■ **The task**: Please take the lines from the one holding "#21042 = ADVANCED_FACE" through the one holding "#24573 = CARTESIAN_POINT" in the data below and copy them exactly.
═════ Information
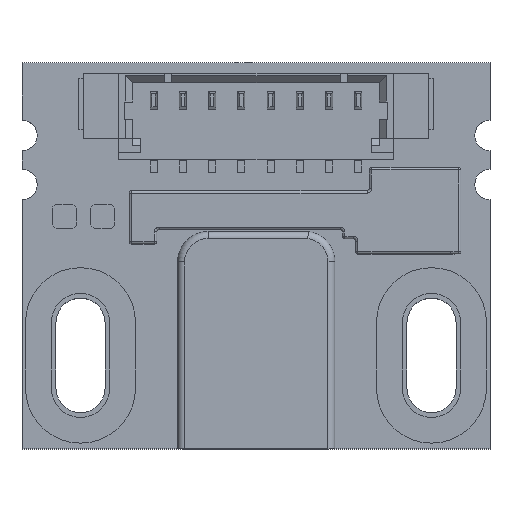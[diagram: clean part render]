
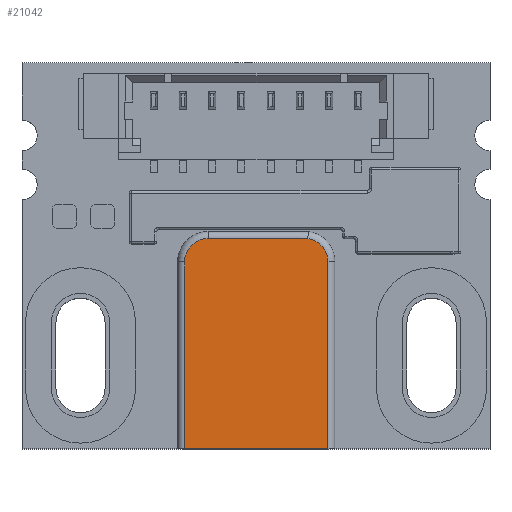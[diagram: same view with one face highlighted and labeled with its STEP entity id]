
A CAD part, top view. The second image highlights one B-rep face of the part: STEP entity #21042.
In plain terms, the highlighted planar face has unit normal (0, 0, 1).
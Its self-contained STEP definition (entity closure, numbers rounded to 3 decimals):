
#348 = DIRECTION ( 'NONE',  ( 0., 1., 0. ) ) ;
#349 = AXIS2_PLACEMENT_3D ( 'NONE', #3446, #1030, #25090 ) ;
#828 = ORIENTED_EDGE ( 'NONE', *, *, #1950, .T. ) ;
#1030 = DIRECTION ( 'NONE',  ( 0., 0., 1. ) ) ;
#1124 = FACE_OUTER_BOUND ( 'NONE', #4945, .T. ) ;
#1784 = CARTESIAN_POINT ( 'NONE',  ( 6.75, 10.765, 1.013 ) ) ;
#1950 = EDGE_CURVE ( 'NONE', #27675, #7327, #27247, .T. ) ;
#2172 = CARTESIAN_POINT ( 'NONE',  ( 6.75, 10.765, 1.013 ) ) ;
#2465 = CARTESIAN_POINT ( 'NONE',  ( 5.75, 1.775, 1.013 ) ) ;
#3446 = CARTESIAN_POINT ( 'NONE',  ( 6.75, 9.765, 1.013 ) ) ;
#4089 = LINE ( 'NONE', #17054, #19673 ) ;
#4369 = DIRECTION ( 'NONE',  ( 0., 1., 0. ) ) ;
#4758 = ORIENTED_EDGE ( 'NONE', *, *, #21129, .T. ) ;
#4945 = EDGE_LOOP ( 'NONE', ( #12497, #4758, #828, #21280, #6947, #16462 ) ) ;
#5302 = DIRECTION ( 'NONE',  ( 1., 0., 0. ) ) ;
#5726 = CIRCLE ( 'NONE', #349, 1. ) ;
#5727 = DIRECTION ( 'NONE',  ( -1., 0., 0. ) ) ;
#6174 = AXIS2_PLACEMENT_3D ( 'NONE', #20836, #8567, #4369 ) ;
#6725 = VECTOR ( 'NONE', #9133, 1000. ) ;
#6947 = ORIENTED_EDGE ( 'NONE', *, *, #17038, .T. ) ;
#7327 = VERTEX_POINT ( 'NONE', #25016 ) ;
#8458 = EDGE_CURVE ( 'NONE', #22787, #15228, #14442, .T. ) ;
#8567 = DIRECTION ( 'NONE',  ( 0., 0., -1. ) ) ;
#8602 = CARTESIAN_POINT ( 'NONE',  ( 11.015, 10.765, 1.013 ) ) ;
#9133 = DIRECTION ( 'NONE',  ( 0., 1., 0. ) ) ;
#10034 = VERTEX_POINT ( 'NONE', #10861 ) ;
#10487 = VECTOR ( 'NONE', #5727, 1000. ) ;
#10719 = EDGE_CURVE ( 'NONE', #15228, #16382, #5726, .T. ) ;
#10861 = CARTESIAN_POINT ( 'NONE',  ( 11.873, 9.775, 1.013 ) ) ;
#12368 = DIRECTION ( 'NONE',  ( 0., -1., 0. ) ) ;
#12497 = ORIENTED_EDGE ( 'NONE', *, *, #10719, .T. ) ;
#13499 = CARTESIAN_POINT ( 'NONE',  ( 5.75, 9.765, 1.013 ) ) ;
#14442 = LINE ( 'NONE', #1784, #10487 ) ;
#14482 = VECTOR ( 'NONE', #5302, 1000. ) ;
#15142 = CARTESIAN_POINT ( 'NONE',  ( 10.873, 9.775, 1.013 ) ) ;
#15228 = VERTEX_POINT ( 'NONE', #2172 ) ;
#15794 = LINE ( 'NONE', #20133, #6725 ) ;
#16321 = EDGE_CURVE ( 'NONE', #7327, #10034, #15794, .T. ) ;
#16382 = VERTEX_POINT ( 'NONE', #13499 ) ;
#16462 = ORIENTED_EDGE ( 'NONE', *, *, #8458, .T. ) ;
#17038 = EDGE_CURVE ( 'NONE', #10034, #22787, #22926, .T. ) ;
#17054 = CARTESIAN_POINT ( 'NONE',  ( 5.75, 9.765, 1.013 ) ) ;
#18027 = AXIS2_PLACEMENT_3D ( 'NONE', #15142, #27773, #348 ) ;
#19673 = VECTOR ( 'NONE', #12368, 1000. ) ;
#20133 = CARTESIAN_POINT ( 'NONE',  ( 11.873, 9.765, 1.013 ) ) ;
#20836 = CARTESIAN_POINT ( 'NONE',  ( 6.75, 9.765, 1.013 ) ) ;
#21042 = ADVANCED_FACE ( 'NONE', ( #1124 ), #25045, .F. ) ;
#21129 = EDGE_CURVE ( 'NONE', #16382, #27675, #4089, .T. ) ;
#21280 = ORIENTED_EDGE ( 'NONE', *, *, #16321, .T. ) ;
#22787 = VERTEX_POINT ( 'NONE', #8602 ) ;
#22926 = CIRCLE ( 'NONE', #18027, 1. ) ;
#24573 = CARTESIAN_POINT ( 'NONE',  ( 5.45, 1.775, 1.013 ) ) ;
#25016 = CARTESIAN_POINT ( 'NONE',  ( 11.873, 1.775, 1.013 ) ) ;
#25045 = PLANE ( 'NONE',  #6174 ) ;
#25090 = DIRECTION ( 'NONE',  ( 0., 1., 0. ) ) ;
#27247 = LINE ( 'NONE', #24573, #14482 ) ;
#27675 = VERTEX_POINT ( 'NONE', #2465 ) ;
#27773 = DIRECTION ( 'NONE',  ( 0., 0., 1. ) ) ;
══════════
■ **Reply to the exercise**:
#21042 = ADVANCED_FACE ( 'NONE', ( #1124 ), #25045, .F. ) ;
#21129 = EDGE_CURVE ( 'NONE', #16382, #27675, #4089, .T. ) ;
#21280 = ORIENTED_EDGE ( 'NONE', *, *, #16321, .T. ) ;
#22787 = VERTEX_POINT ( 'NONE', #8602 ) ;
#22926 = CIRCLE ( 'NONE', #18027, 1. ) ;
#24573 = CARTESIAN_POINT ( 'NONE',  ( 5.45, 1.775, 1.013 ) ) ;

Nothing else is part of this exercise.